* [EXERCISE]
Write out each record in full and exactly as given. Skip any pictures.

- - - -

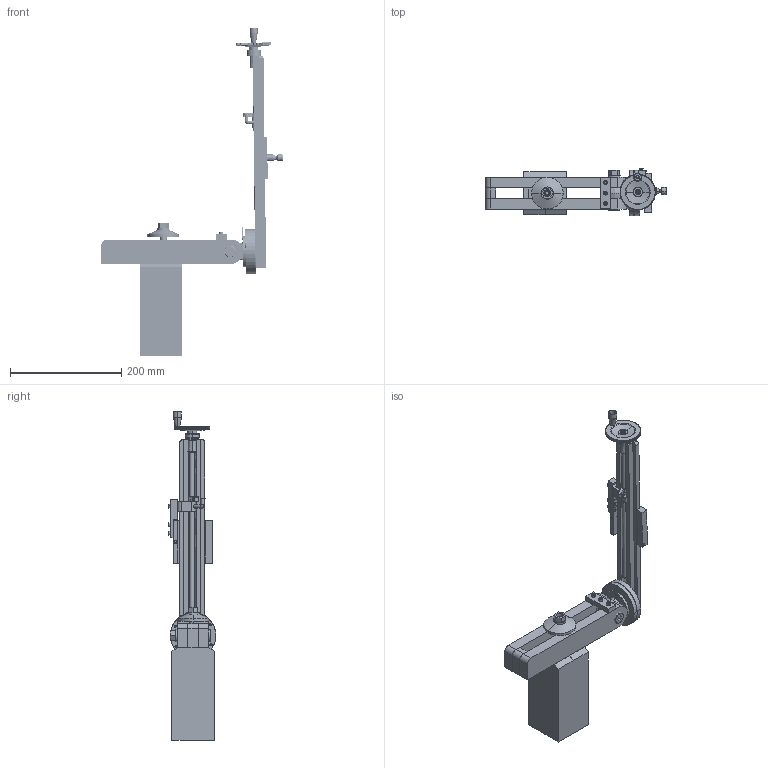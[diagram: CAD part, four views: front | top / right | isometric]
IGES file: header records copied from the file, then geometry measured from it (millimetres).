
Start section: Comment
Global section: file name: nex gen mill column hw 1 24 19.igs; native system:  By Spatial Corp.; preprocessor: XPlus PS/IGES 3.0; author: Author; organization: Title; date: 20190124.180910; units: inch
Bounding box: 325.6 x 85.6 x 590.12 mm (x, y, z)
Surface area: 304275.3 mm2 (no closed solid volume)
Topology: 0 solids, 0 shells, 2153 faces, 12812 edges, 12804 vertices
Faces by surface type: revolution 1458, extrusion 671, bspline 24
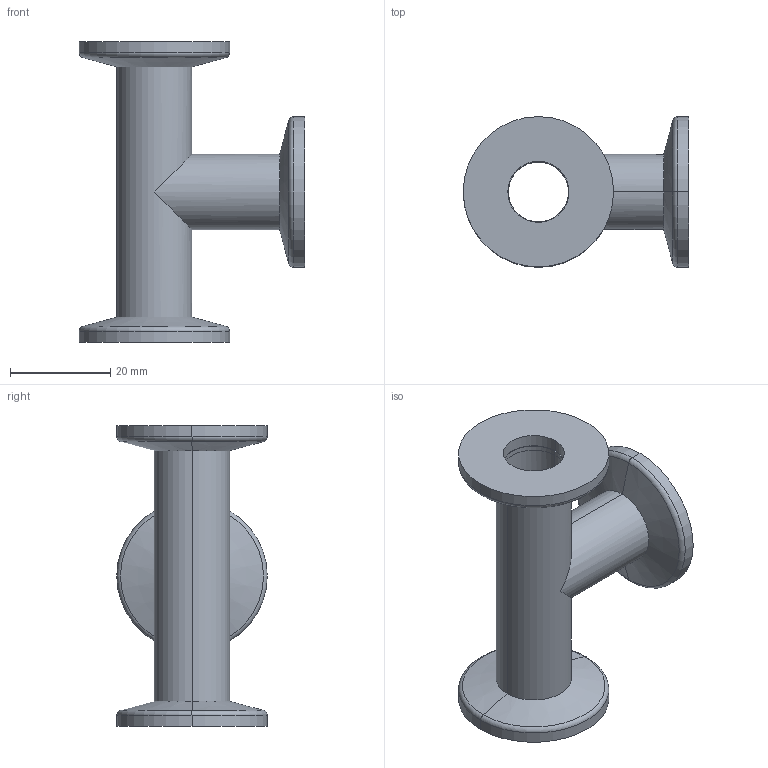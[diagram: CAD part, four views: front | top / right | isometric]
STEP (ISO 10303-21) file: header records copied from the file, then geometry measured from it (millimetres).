
FILE_DESCRIPTION (( 'STEP AP214' ), '1' );
FILE_NAME ('W3TS10.STEP', '2020-08-20T12:05:42', ( '' ), ( '' ), 'SwSTEP 2.0', 'SolidWorks 2020', '' );
FILE_SCHEMA (( 'AUTOMOTIVE_DESIGN' ));
Length unit declared in the file: millimetre
Products named in the file (1): W3TS10
Bounding box: 45 x 30 x 60 mm (x, y, z)
Volume: 11308.3 mm3; surface area: 11392.2 mm2
Topology: 5 solids, 5 shells, 60 faces, 132 edges, 82 vertices
Faces by surface type: cylinder 32, plane 16, torus 6, cone 6
Entity records: 1758 total; most frequent: CARTESIAN_POINT 323, DIRECTION 310, ORIENTED_EDGE 264, AXIS2_PLACEMENT_3D 133, EDGE_CURVE 132, VERTEX_POINT 82, EDGE_LOOP 72, CIRCLE 72

- - - -

* [SOLUTION FOR THIS TASK]
[diagram: CAD part, four views: front | top / right | isometric]
IGES file: header records copied from the file, then geometry measured from it (millimetres).
Start section: Comment
Global section: file name: nex gen mill column hw 1 24 19.igs; native system:  By Spatial Corp.; preprocessor: XPlus PS/IGES 3.0; author: Author; organization: Title; date: 20190124.180910; units: inch
Bounding box: 325.6 x 85.6 x 590.12 mm (x, y, z)
Surface area: 304275.3 mm2 (no closed solid volume)
Topology: 0 solids, 0 shells, 2153 faces, 12812 edges, 12804 vertices
Faces by surface type: revolution 1458, extrusion 671, bspline 24
[diagram: CAD part, four views: front | top / right | isometric]
STEP (ISO 10303-21) file: header records copied from the file, then geometry measured from it (millimetres).
FILE_DESCRIPTION (( 'STEP AP214' ), '1' );
FILE_NAME ('W3TS10.STEP', '2020-08-20T12:05:42', ( '' ), ( '' ), 'SwSTEP 2.0', 'SolidWorks 2020', '' );
FILE_SCHEMA (( 'AUTOMOTIVE_DESIGN' ));
Length unit declared in the file: millimetre
Products named in the file (1): W3TS10
Bounding box: 45 x 30 x 60 mm (x, y, z)
Volume: 11308.3 mm3; surface area: 11392.2 mm2
Topology: 5 solids, 5 shells, 60 faces, 132 edges, 82 vertices
Faces by surface type: cylinder 32, plane 16, torus 6, cone 6
Entity records: 1758 total; most frequent: CARTESIAN_POINT 323, DIRECTION 310, ORIENTED_EDGE 264, AXIS2_PLACEMENT_3D 133, EDGE_CURVE 132, VERTEX_POINT 82, EDGE_LOOP 72, CIRCLE 72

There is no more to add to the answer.